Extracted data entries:
⁂
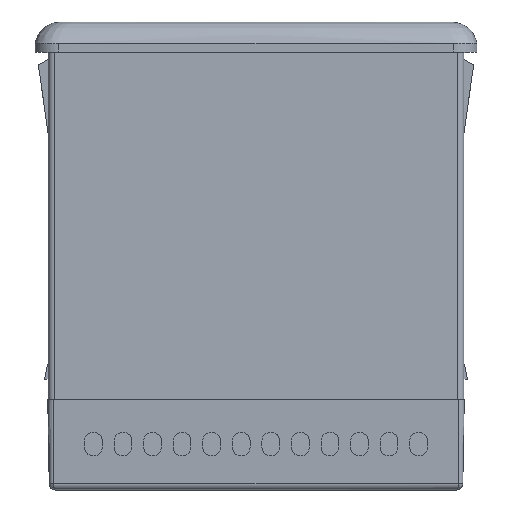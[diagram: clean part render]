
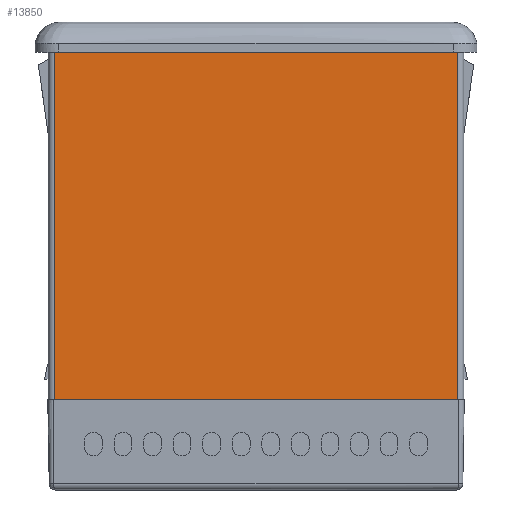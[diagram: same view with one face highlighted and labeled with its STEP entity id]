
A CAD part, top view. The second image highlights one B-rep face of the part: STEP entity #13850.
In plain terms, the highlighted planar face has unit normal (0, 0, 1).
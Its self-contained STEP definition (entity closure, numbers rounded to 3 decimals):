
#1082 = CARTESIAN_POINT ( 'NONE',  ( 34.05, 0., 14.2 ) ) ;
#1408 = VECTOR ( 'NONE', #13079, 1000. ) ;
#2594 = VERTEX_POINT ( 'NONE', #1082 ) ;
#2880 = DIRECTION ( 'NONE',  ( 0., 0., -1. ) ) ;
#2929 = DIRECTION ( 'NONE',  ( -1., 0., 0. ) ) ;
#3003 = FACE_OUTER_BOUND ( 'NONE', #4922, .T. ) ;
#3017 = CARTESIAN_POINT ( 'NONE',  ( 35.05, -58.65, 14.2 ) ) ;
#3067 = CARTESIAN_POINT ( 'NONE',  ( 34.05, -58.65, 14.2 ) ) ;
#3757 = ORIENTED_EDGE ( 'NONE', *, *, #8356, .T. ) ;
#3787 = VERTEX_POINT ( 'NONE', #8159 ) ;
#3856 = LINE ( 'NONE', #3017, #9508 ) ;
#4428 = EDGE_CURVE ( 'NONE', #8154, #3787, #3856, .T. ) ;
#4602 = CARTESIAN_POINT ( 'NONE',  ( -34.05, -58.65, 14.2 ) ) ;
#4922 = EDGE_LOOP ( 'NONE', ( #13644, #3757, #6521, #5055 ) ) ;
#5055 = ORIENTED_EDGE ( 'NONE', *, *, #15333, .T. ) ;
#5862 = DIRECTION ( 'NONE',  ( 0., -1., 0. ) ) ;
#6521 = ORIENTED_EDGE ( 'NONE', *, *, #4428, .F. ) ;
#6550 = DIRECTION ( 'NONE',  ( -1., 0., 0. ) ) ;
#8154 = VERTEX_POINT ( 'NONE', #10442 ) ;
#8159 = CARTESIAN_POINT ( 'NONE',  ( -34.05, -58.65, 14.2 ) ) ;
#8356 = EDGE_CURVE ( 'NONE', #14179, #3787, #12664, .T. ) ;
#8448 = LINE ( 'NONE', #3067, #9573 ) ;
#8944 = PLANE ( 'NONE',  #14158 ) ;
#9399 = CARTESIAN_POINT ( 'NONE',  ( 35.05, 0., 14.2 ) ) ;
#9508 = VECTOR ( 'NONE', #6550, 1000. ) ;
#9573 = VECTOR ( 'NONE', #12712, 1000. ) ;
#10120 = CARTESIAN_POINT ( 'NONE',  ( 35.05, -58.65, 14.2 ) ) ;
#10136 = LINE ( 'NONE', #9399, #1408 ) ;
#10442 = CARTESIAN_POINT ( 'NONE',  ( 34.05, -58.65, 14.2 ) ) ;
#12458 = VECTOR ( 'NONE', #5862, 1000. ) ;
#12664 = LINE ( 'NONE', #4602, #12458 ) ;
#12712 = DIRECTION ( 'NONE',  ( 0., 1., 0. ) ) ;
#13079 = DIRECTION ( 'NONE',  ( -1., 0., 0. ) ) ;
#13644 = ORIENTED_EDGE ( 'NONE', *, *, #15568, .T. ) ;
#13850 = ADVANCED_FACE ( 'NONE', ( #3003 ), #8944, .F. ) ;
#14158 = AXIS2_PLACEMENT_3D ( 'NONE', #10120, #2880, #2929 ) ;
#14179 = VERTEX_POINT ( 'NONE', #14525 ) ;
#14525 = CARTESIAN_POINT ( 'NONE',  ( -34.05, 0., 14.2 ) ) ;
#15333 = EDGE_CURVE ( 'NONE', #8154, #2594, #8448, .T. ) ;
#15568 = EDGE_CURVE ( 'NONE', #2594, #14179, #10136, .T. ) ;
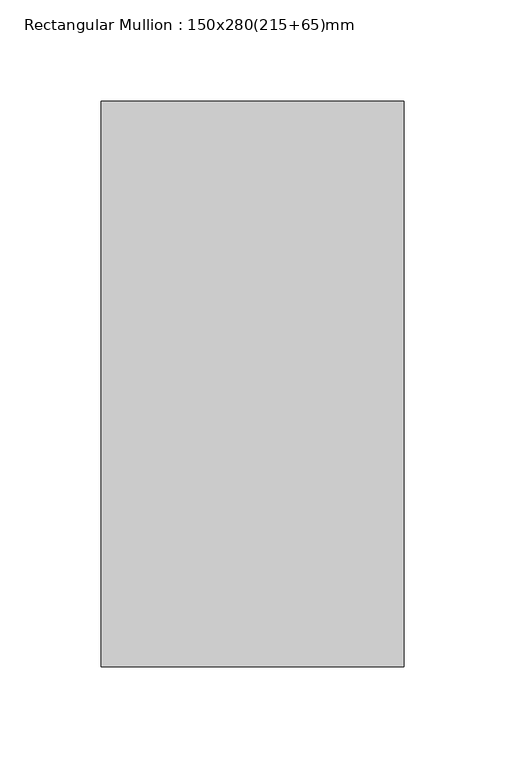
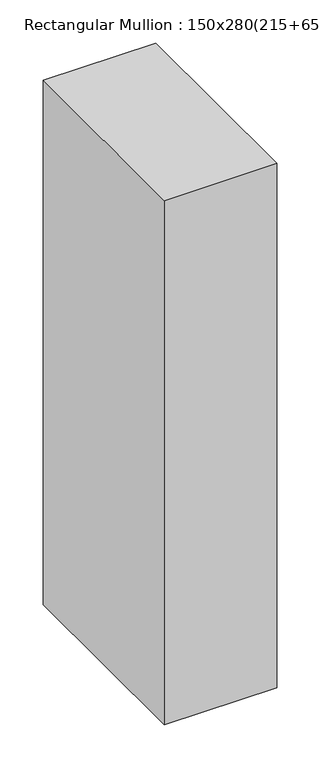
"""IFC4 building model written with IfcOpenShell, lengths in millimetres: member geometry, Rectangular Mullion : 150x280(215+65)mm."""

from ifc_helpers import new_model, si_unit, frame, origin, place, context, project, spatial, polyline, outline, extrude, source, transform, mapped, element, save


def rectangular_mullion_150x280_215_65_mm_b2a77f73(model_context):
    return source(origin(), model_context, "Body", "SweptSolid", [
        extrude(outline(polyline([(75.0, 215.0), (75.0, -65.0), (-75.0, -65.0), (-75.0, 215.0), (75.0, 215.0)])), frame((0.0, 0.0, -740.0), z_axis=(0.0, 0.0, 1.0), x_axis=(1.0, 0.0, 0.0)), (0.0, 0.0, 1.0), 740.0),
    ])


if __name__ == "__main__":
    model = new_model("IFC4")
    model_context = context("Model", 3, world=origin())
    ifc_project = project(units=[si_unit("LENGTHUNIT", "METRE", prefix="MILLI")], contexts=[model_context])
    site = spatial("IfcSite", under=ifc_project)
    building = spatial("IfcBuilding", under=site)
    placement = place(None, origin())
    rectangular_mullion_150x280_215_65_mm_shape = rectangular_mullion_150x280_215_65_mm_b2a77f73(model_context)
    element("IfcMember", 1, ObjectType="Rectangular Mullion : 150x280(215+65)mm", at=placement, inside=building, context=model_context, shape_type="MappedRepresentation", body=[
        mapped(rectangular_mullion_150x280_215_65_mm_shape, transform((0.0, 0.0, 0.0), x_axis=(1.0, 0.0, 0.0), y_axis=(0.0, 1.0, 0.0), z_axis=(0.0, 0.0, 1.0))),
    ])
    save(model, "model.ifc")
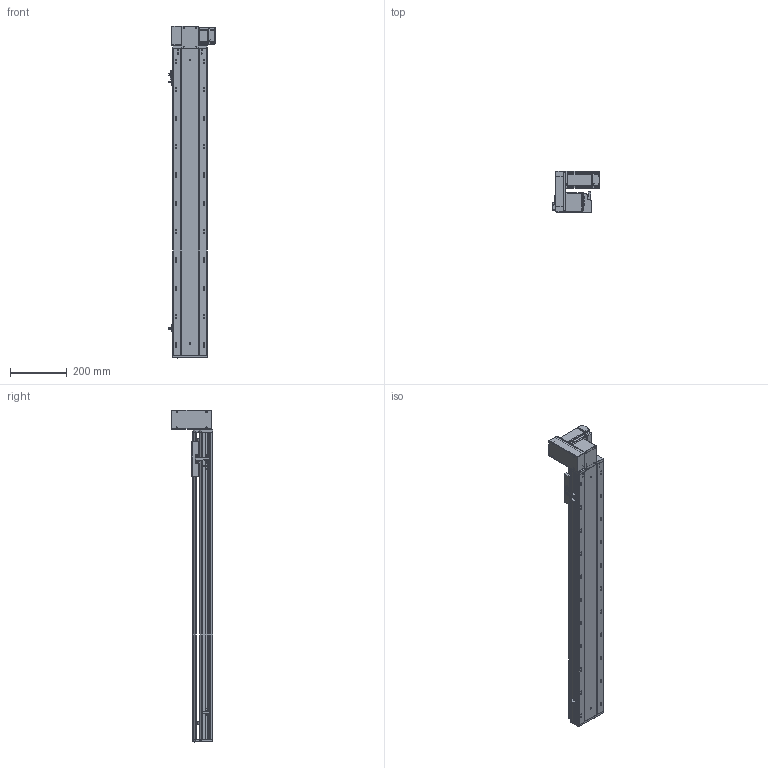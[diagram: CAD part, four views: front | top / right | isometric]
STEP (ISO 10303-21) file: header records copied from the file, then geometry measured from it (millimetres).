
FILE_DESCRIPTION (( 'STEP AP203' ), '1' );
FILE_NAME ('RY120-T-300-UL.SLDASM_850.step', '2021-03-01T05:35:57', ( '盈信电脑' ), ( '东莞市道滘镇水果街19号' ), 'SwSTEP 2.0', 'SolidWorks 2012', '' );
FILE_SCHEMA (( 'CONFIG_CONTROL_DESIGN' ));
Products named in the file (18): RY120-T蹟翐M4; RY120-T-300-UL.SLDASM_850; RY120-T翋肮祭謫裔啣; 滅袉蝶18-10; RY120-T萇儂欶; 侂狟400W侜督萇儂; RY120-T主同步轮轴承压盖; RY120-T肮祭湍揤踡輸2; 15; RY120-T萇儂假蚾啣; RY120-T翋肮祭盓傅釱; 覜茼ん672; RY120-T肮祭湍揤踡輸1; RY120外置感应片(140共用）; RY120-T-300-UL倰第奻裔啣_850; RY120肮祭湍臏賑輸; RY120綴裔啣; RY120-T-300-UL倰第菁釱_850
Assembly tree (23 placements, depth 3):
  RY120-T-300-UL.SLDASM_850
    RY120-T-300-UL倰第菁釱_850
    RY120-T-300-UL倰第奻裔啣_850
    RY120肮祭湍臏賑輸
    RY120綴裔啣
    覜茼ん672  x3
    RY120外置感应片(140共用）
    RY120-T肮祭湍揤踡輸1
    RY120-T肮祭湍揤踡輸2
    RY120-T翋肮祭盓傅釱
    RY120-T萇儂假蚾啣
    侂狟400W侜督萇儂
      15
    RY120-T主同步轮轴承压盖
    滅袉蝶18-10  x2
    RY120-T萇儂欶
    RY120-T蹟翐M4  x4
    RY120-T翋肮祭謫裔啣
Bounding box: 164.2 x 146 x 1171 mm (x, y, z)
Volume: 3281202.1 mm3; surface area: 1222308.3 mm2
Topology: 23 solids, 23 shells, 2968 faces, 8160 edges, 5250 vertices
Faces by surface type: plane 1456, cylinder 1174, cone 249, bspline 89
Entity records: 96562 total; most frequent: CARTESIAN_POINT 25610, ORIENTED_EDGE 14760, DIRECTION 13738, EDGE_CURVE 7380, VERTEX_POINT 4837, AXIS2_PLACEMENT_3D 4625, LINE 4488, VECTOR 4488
⁂
TASK BRIEF -
Could you output all of the records exactly, without their pictures?

RESPONSE BOX -
[diagram: clean part render]
[diagram: same view with one face highlighted and labeled with its STEP entity id]
A CAD part, top view. The second image highlights one B-rep face of the part: STEP entity #13850.
In plain terms, the highlighted planar face has unit normal (0, 0, 1).
Its self-contained STEP definition (entity closure, numbers rounded to 3 decimals):
#1082 = CARTESIAN_POINT ( 'NONE',  ( 34.05, 0., 14.2 ) ) ;
#1408 = VECTOR ( 'NONE', #13079, 1000. ) ;
#2594 = VERTEX_POINT ( 'NONE', #1082 ) ;
#2880 = DIRECTION ( 'NONE',  ( 0., 0., -1. ) ) ;
#2929 = DIRECTION ( 'NONE',  ( -1., 0., 0. ) ) ;
#3003 = FACE_OUTER_BOUND ( 'NONE', #4922, .T. ) ;
#3017 = CARTESIAN_POINT ( 'NONE',  ( 35.05, -58.65, 14.2 ) ) ;
#3067 = CARTESIAN_POINT ( 'NONE',  ( 34.05, -58.65, 14.2 ) ) ;
#3757 = ORIENTED_EDGE ( 'NONE', *, *, #8356, .T. ) ;
#3787 = VERTEX_POINT ( 'NONE', #8159 ) ;
#3856 = LINE ( 'NONE', #3017, #9508 ) ;
#4428 = EDGE_CURVE ( 'NONE', #8154, #3787, #3856, .T. ) ;
#4602 = CARTESIAN_POINT ( 'NONE',  ( -34.05, -58.65, 14.2 ) ) ;
#4922 = EDGE_LOOP ( 'NONE', ( #13644, #3757, #6521, #5055 ) ) ;
#5055 = ORIENTED_EDGE ( 'NONE', *, *, #15333, .T. ) ;
#5862 = DIRECTION ( 'NONE',  ( 0., -1., 0. ) ) ;
#6521 = ORIENTED_EDGE ( 'NONE', *, *, #4428, .F. ) ;
#6550 = DIRECTION ( 'NONE',  ( -1., 0., 0. ) ) ;
#8154 = VERTEX_POINT ( 'NONE', #10442 ) ;
#8159 = CARTESIAN_POINT ( 'NONE',  ( -34.05, -58.65, 14.2 ) ) ;
#8356 = EDGE_CURVE ( 'NONE', #14179, #3787, #12664, .T. ) ;
#8448 = LINE ( 'NONE', #3067, #9573 ) ;
#8944 = PLANE ( 'NONE',  #14158 ) ;
#9399 = CARTESIAN_POINT ( 'NONE',  ( 35.05, 0., 14.2 ) ) ;
#9508 = VECTOR ( 'NONE', #6550, 1000. ) ;
#9573 = VECTOR ( 'NONE', #12712, 1000. ) ;
#10120 = CARTESIAN_POINT ( 'NONE',  ( 35.05, -58.65, 14.2 ) ) ;
#10136 = LINE ( 'NONE', #9399, #1408 ) ;
#10442 = CARTESIAN_POINT ( 'NONE',  ( 34.05, -58.65, 14.2 ) ) ;
#12458 = VECTOR ( 'NONE', #5862, 1000. ) ;
#12664 = LINE ( 'NONE', #4602, #12458 ) ;
#12712 = DIRECTION ( 'NONE',  ( 0., 1., 0. ) ) ;
#13079 = DIRECTION ( 'NONE',  ( -1., 0., 0. ) ) ;
#13644 = ORIENTED_EDGE ( 'NONE', *, *, #15568, .T. ) ;
#13850 = ADVANCED_FACE ( 'NONE', ( #3003 ), #8944, .F. ) ;
#14158 = AXIS2_PLACEMENT_3D ( 'NONE', #10120, #2880, #2929 ) ;
#14179 = VERTEX_POINT ( 'NONE', #14525 ) ;
#14525 = CARTESIAN_POINT ( 'NONE',  ( -34.05, 0., 14.2 ) ) ;
#15333 = EDGE_CURVE ( 'NONE', #8154, #2594, #8448, .T. ) ;
#15568 = EDGE_CURVE ( 'NONE', #2594, #14179, #10136, .T. ) ;
"""IFC4 building model written with IfcOpenShell, lengths in millimetres: member geometry, Rectangular Mullion : 150x280(215+65)mm."""

from ifc_helpers import new_model, si_unit, frame, origin, place, context, project, spatial, polyline, outline, extrude, source, transform, mapped, element, save


def rectangular_mullion_150x280_215_65_mm_b2a77f73(model_context):
    return source(origin(), model_context, "Body", "SweptSolid", [
        extrude(outline(polyline([(75.0, 215.0), (75.0, -65.0), (-75.0, -65.0), (-75.0, 215.0), (75.0, 215.0)])), frame((0.0, 0.0, -740.0), z_axis=(0.0, 0.0, 1.0), x_axis=(1.0, 0.0, 0.0)), (0.0, 0.0, 1.0), 740.0),
    ])


if __name__ == "__main__":
    model = new_model("IFC4")
    model_context = context("Model", 3, world=origin())
    ifc_project = project(units=[si_unit("LENGTHUNIT", "METRE", prefix="MILLI")], contexts=[model_context])
    site = spatial("IfcSite", under=ifc_project)
    building = spatial("IfcBuilding", under=site)
    placement = place(None, origin())
    rectangular_mullion_150x280_215_65_mm_shape = rectangular_mullion_150x280_215_65_mm_b2a77f73(model_context)
    element("IfcMember", 1, ObjectType="Rectangular Mullion : 150x280(215+65)mm", at=placement, inside=building, context=model_context, shape_type="MappedRepresentation", body=[
        mapped(rectangular_mullion_150x280_215_65_mm_shape, transform((0.0, 0.0, 0.0), x_axis=(1.0, 0.0, 0.0), y_axis=(0.0, 1.0, 0.0), z_axis=(0.0, 0.0, 1.0))),
    ])
    save(model, "model.ifc")
[diagram: CAD part, four views: front | top / right | isometric]
STEP (ISO 10303-21) file: header records copied from the file, then geometry measured from it (millimetres).
FILE_DESCRIPTION (( 'STEP AP203' ), '1' );
FILE_NAME ('RY120-T-300-UL.SLDASM_850.step', '2021-03-01T05:35:57', ( '盈信电脑' ), ( '东莞市道滘镇水果街19号' ), 'SwSTEP 2.0', 'SolidWorks 2012', '' );
FILE_SCHEMA (( 'CONFIG_CONTROL_DESIGN' ));
Products named in the file (18): RY120-T蹟翐M4; RY120-T-300-UL.SLDASM_850; RY120-T翋肮祭謫裔啣; 滅袉蝶18-10; RY120-T萇儂欶; 侂狟400W侜督萇儂; RY120-T主同步轮轴承压盖; RY120-T肮祭湍揤踡輸2; 15; RY120-T萇儂假蚾啣; RY120-T翋肮祭盓傅釱; 覜茼ん672; RY120-T肮祭湍揤踡輸1; RY120外置感应片(140共用）; RY120-T-300-UL倰第奻裔啣_850; RY120肮祭湍臏賑輸; RY120綴裔啣; RY120-T-300-UL倰第菁釱_850
Assembly tree (23 placements, depth 3):
  RY120-T-300-UL.SLDASM_850
    RY120-T-300-UL倰第菁釱_850
    RY120-T-300-UL倰第奻裔啣_850
    RY120肮祭湍臏賑輸
    RY120綴裔啣
    覜茼ん672  x3
    RY120外置感应片(140共用）
    RY120-T肮祭湍揤踡輸1
    RY120-T肮祭湍揤踡輸2
    RY120-T翋肮祭盓傅釱
    RY120-T萇儂假蚾啣
    侂狟400W侜督萇儂
      15
    RY120-T主同步轮轴承压盖
    滅袉蝶18-10  x2
    RY120-T萇儂欶
    RY120-T蹟翐M4  x4
    RY120-T翋肮祭謫裔啣
Bounding box: 164.2 x 146 x 1171 mm (x, y, z)
Volume: 3281202.1 mm3; surface area: 1222308.3 mm2
Topology: 23 solids, 23 shells, 2968 faces, 8160 edges, 5250 vertices
Faces by surface type: plane 1456, cylinder 1174, cone 249, bspline 89
Entity records: 96562 total; most frequent: CARTESIAN_POINT 25610, ORIENTED_EDGE 14760, DIRECTION 13738, EDGE_CURVE 7380, VERTEX_POINT 4837, AXIS2_PLACEMENT_3D 4625, LINE 4488, VECTOR 4488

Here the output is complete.